## Exercise prompt
Using the listing below, print the line containing "Assembly tree (7", the line containing "Products named in the file (1): 70x70", and each line between them, exactly and nothing else. Pictures stay out of the print.

## Exercise data
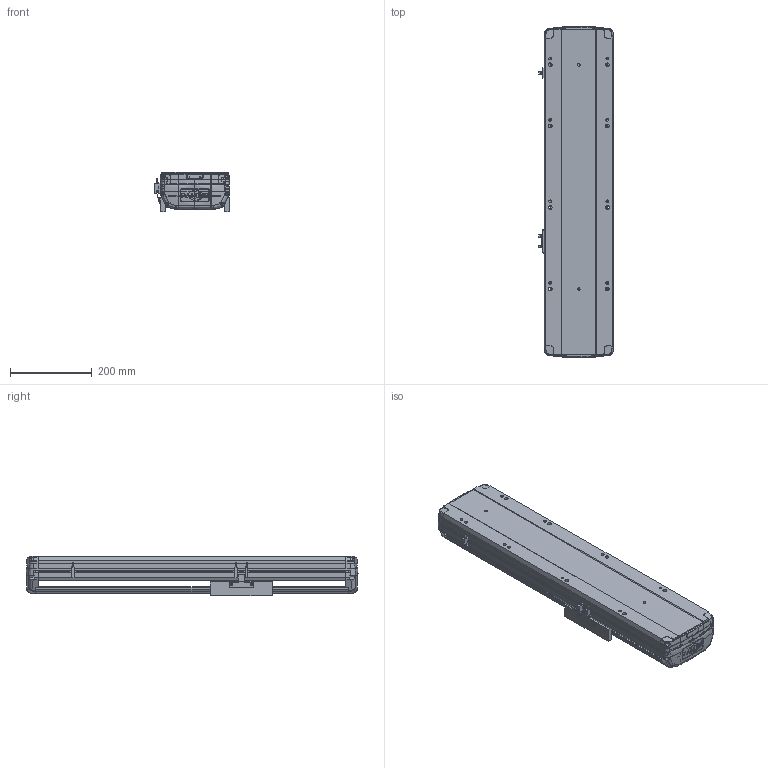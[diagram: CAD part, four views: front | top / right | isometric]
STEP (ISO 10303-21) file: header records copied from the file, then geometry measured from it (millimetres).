
FILE_DESCRIPTION (( 'STEP AP203' ), '1' );
FILE_NAME ('8.STEP', '2020-11-20T11:17:57', ( '' ), ( '' ), 'SwSTEP 2.0', 'SolidWorks 2016', '' );
FILE_SCHEMA (( 'CONFIG_CONTROL_DESIGN' ));
Length unit declared in the file: millimetre
Products named in the file (5): BTH17-M-01; BTH17-M-HZ_賑釱; 8; BTH17-M-菁釱; BTH17-M-04
Assembly tree (7 placements, depth 2):
  8
    BTH17-M-菁釱
    BTH17-M-01  x2
    BTH17-M-04  x3
    BTH17-M-HZ_賑釱
Bounding box: 183.7 x 814.07 x 97 mm (x, y, z)
Volume: 5466551.1 mm3; surface area: 968979.8 mm2
Topology: 11 solids, 11 shells, 1729 faces, 4760 edges, 3059 vertices
Faces by surface type: plane 818, cylinder 407, bspline 366, cone 96, torus 42
Entity records: 44021 total; most frequent: CARTESIAN_POINT 18468, ORIENTED_EDGE 5704, DIRECTION 4496, EDGE_CURVE 2852, VERTEX_POINT 1847, AXIS2_PLACEMENT_3D 1503, VECTOR 1490, LINE 1490
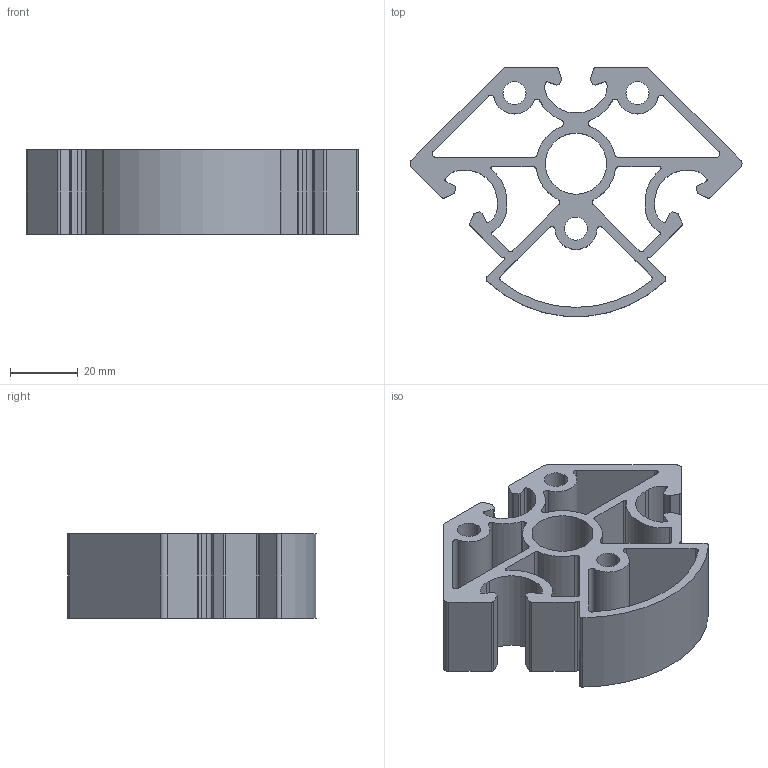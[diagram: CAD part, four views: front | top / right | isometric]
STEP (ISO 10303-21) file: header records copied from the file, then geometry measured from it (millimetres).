
FILE_DESCRIPTION (( 'STEP AP214' ), '1' );
FILE_NAME ('70x70 3-Slot 3-Way SD Inset Panel Profile-Clear(40P04-7734-01C).STEP', '2023-09-07T19:05:37', ( '' ), ( '' ), 'SwSTEP 2.0', 'SolidWorks 2020', '' );
FILE_SCHEMA (( 'AUTOMOTIVE_DESIGN' ));
Length unit declared in the file: millimetre
Products named in the file (1): 70x70 3-Slot 3-Way SD Inset Panel Profile-Clear(40P04-7734-01C)
Bounding box: 97.75 x 73.22 x 25 mm (x, y, z)
Volume: 43373.1 mm3; surface area: 27819.5 mm2
Topology: 1 solids, 1 shells, 153 faces, 453 edges, 302 vertices
Faces by surface type: cylinder 97, plane 56
Entity records: 5271 total; most frequent: DIRECTION 955, CARTESIAN_POINT 909, ORIENTED_EDGE 906, EDGE_CURVE 453, AXIS2_PLACEMENT_3D 348, VERTEX_POINT 302, VECTOR 259, LINE 259
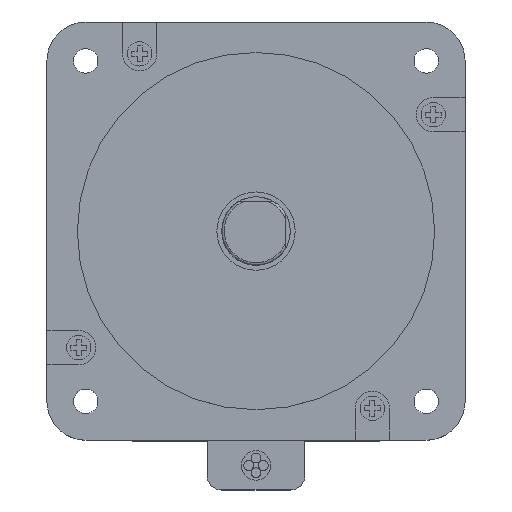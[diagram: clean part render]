
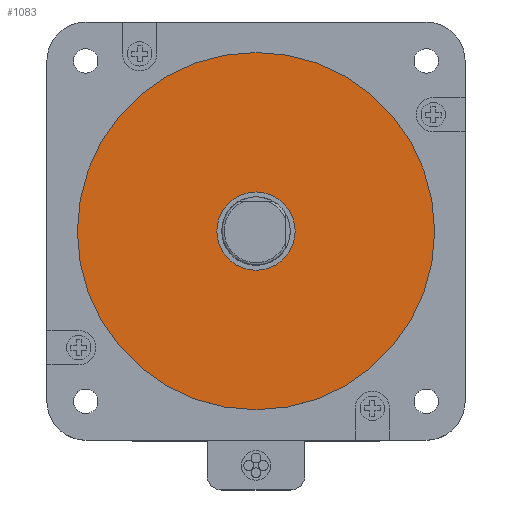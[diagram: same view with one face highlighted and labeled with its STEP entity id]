
A CAD part, top view. The second image highlights one B-rep face of the part: STEP entity #1083.
In plain terms, the highlighted planar face has unit normal (0, 0, 1).
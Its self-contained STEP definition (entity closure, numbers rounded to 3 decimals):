
#1083=ADVANCED_FACE('',(#1426,#1427),#1275,.T.);
#1275=PLANE('',#3824);
#1426=FACE_BOUND('',#1511,.T.);
#1427=FACE_BOUND('',#1512,.T.);
#1511=EDGE_LOOP('',(#2012));
#1512=EDGE_LOOP('',(#2013));
#2012=ORIENTED_EDGE('',*,*,#3336,.T.);
#2013=ORIENTED_EDGE('',*,*,#3337,.F.);
#2970=VERTEX_POINT('',#5597);
#2971=VERTEX_POINT('',#5600);
#3336=EDGE_CURVE('',#2970,#2970,#3670,.T.);
#3337=EDGE_CURVE('',#2971,#2971,#3671,.T.);
#3670=CIRCLE('',#3819,36.513);
#3671=CIRCLE('',#3821,8.);
#3819=AXIS2_PLACEMENT_3D('',#5596,#4448,#4449);
#3821=AXIS2_PLACEMENT_3D('',#5599,#4452,#4453);
#3824=AXIS2_PLACEMENT_3D('',#5604,#4458,#4459);
#4448=DIRECTION('',(0.,0.,1.));
#4449=DIRECTION('',(1.,0.,0.));
#4452=DIRECTION('',(0.,0.,1.));
#4453=DIRECTION('',(1.,0.,0.));
#4458=DIRECTION('',(0.,0.,1.));
#4459=DIRECTION('',(1.,0.,0.));
#5596=CARTESIAN_POINT('',(0.,0.,2.));
#5597=CARTESIAN_POINT('',(36.513,0.,2.));
#5599=CARTESIAN_POINT('',(0.,0.,2.));
#5600=CARTESIAN_POINT('',(8.,0.,2.));
#5604=CARTESIAN_POINT('',(0.,0.,2.));
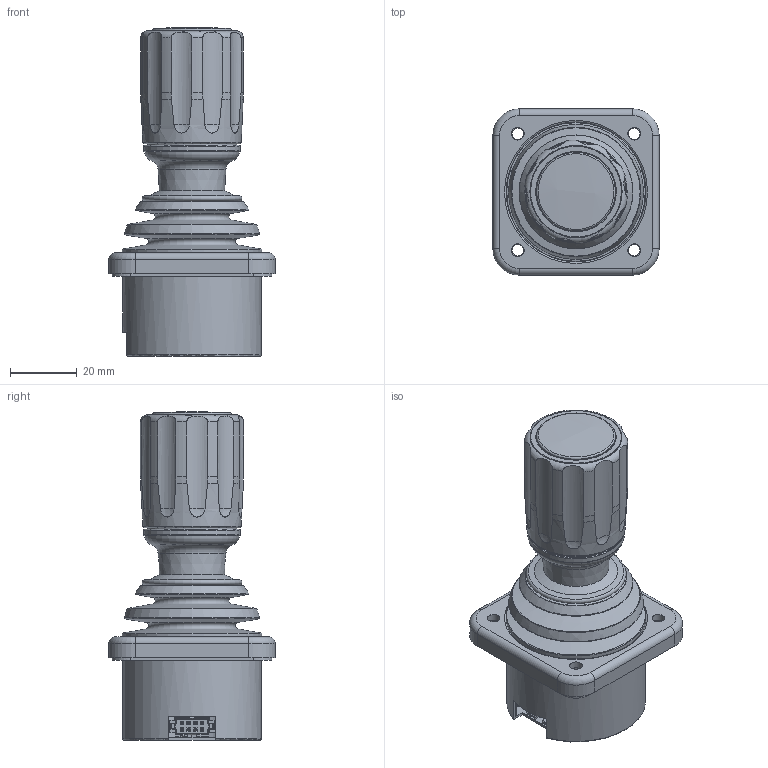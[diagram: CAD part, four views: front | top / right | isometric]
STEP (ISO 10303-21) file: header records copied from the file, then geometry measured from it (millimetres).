
FILE_DESCRIPTION(/* description */ (''),/* implementation_level */ '2;1');
FILE_NAME(/* name */ 'S:\Entwicklung\01_CAD-Daten\01_AIDATA-GT\1_1_Joysticks\SK315\Zusammenstellungen\Step\315-0164.stp',/* time_stamp */ '2024-01-31T10:11:43+01:00',/* author */ ('mk'),/* organization */ (''),/* preprocessor_version */ 'ST-DEVELOPER v18.1',/* originating_system */ 'Autodesk Inventor 2021',/* authorisation */ '');
FILE_SCHEMA (('AUTOMOTIVE_DESIGN { 1 0 10303 214 3 1 1 }'));
Products named in the file (1): 315-0164
Bounding box: 50 x 50 x 98.84 mm (x, y, z)
Volume: 46138 mm3; surface area: 53895.4 mm2
Topology: 7 solids, 7 shells, 3422 faces, 9558 edges, 6243 vertices
Faces by surface type: plane 2900, cylinder 383, cone 52, torus 47, sphere 26, bspline 14
Full cylindrical faces by diameter (mm): 0.05 x17, 0.304 x19, 0.8 x6, 1.5 x1, 2 x10, 2.5 x1, 3 x4, 3.1 x4, 3.5 x4, 3.8 x8, 4 x5, 4.1 x3, 4.5 x8, 5.6 x1, 6 x1, 9 x2, 10 x1, 12 x1, 13 x1, 16 x1, 17 x1, 18 x1, 19.7 x1, 20 x3, 20.917 x1, 22 x2, 22.6 x1, 23.5 x1, 23.7 x1, 24 x1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
Entity records: 111853 total; most frequent: CARTESIAN_POINT 20570, ORIENTED_EDGE 19090, DIRECTION 17329, EDGE_CURVE 9545, LINE 8327, VECTOR 8327, VERTEX_POINT 6243, AXIS2_PLACEMENT_3D 4501
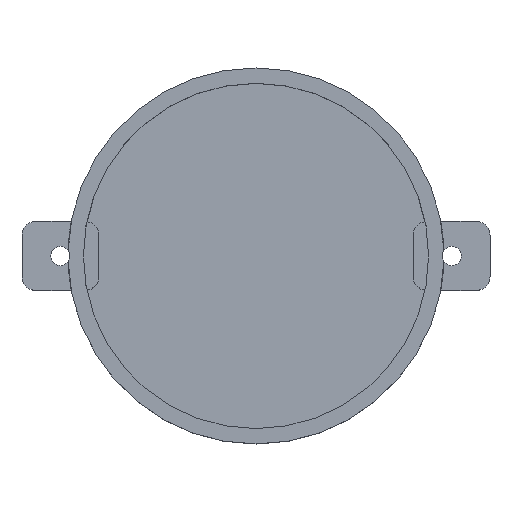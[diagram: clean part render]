
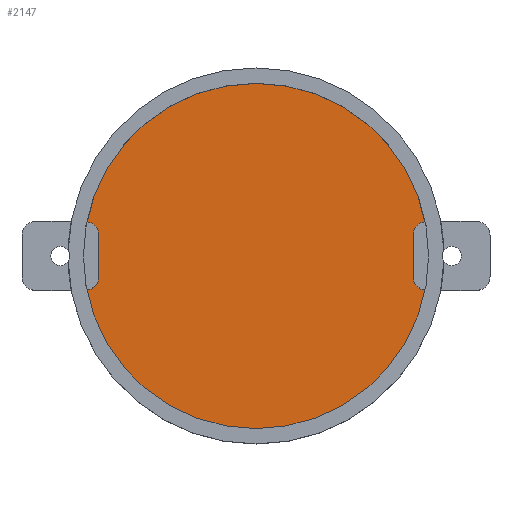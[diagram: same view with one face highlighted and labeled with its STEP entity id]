
A CAD part, top view. The second image highlights one B-rep face of the part: STEP entity #2147.
In plain terms, the highlighted planar face has unit normal (0, 0, 1).
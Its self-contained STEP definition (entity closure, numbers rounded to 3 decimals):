
#1701 = CYLINDRICAL_SURFACE('',#1702,22.5);
#1702 = AXIS2_PLACEMENT_3D('',#1703,#1704,#1705);
#1703 = CARTESIAN_POINT('',(0.,40.,-10.6));
#1704 = DIRECTION('',(-0.,-0.,-1.));
#1705 = DIRECTION('',(1.,0.,0.));
#1804 = EDGE_CURVE('',#1805,#1805,#1807,.T.);
#1805 = VERTEX_POINT('',#1806);
#1806 = CARTESIAN_POINT('',(22.5,40.,-10.6));
#1807 = SURFACE_CURVE('',#1808,(#1813,#1820),.PCURVE_S1.);
#1808 = CIRCLE('',#1809,22.5);
#1809 = AXIS2_PLACEMENT_3D('',#1810,#1811,#1812);
#1810 = CARTESIAN_POINT('',(0.,40.,-10.6));
#1811 = DIRECTION('',(0.,0.,1.));
#1812 = DIRECTION('',(1.,0.,0.));
#1813 = PCURVE('',#1701,#1814);
#1814 = DEFINITIONAL_REPRESENTATION('',(#1815),#1819);
#1815 = LINE('',#1816,#1817);
#1816 = CARTESIAN_POINT('',(-0.,0.));
#1817 = VECTOR('',#1818,1.);
#1818 = DIRECTION('',(-1.,0.));
#1819 = ( GEOMETRIC_REPRESENTATION_CONTEXT(2) 
PARAMETRIC_REPRESENTATION_CONTEXT() REPRESENTATION_CONTEXT('2D SPACE',''
  ) );
#1820 = PCURVE('',#1821,#1826);
#1821 = PLANE('',#1822);
#1822 = AXIS2_PLACEMENT_3D('',#1823,#1824,#1825);
#1823 = CARTESIAN_POINT('',(0.,40.,-10.6));
#1824 = DIRECTION('',(0.,0.,1.));
#1825 = DIRECTION('',(1.,0.,-0.));
#1826 = DEFINITIONAL_REPRESENTATION('',(#1827),#1831);
#1827 = CIRCLE('',#1828,22.5);
#1828 = AXIS2_PLACEMENT_2D('',#1829,#1830);
#1829 = CARTESIAN_POINT('',(0.,0.));
#1830 = DIRECTION('',(1.,0.));
#1831 = ( GEOMETRIC_REPRESENTATION_CONTEXT(2) 
PARAMETRIC_REPRESENTATION_CONTEXT() REPRESENTATION_CONTEXT('2D SPACE',''
  ) );
#2147 = ADVANCED_FACE('',(#2148),#1821,.T.);
#2148 = FACE_BOUND('',#2149,.T.);
#2149 = EDGE_LOOP('',(#2150));
#2150 = ORIENTED_EDGE('',*,*,#1804,.T.);
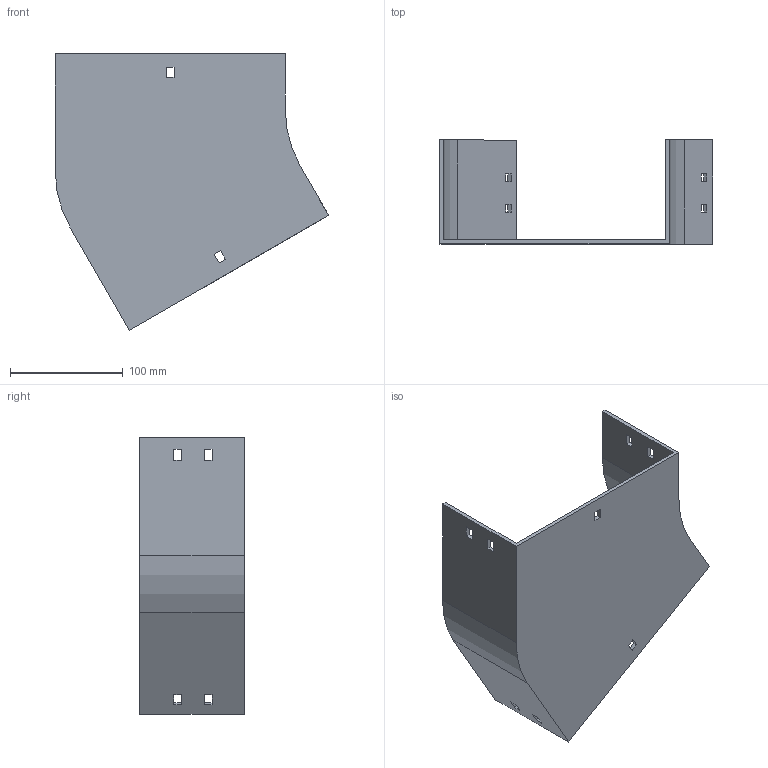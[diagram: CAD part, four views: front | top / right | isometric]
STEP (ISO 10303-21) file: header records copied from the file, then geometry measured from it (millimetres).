
FILE_DESCRIPTION (( 'STEP AP214' ), '1' );
FILE_NAME ('12B1I200.step', '2025-02-21T09:36:13', ( '' ), ( '' ), 'SwSTEP 2.0', 'SolidWorks 2023', '' );
FILE_SCHEMA (( 'AUTOMOTIVE_DESIGN' ));
Length unit declared in the file: millimetre
Products named in the file (1): 12B1I200
Bounding box: 242.4 x 92.5 x 245.3 mm (x, y, z)
Volume: 275296.5 mm3; surface area: 162604.4 mm2
Topology: 1 solids, 1 shells, 58 faces, 168 edges, 112 vertices
Faces by surface type: plane 54, cylinder 4
Entity records: 1943 total; most frequent: CARTESIAN_POINT 339, ORIENTED_EDGE 336, DIRECTION 294, EDGE_CURVE 168, LINE 160, VECTOR 160, VERTEX_POINT 112, EDGE_LOOP 78

## Solution for this task
Assembly tree (7 placements, depth 2):
  8
    BTH17-M-菁釱
    BTH17-M-01  x2
    BTH17-M-04  x3
    BTH17-M-HZ_賑釱
Bounding box: 183.7 x 814.07 x 97 mm (x, y, z)
Volume: 5466551.1 mm3; surface area: 968979.8 mm2
Topology: 11 solids, 11 shells, 1729 faces, 4760 edges, 3059 vertices
Faces by surface type: plane 818, cylinder 407, bspline 366, cone 96, torus 42
Entity records: 44021 total; most frequent: CARTESIAN_POINT 18468, ORIENTED_EDGE 5704, DIRECTION 4496, EDGE_CURVE 2852, VERTEX_POINT 1847, AXIS2_PLACEMENT_3D 1503, VECTOR 1490, LINE 1490
[diagram: CAD part, four views: front | top / right | isometric]
STEP (ISO 10303-21) file: header records copied from the file, then geometry measured from it (millimetres).
FILE_DESCRIPTION (( 'STEP AP214' ), '1' );
FILE_NAME ('70x70 3-Slot 3-Way SD Inset Panel Profile-Clear(40P04-7734-01C).STEP', '2023-09-07T19:05:37', ( '' ), ( '' ), 'SwSTEP 2.0', 'SolidWorks 2020', '' );
FILE_SCHEMA (( 'AUTOMOTIVE_DESIGN' ));
Length unit declared in the file: millimetre
Products named in the file (1): 70x70 3-Slot 3-Way SD Inset Panel Profile-Clear(40P04-7734-01C)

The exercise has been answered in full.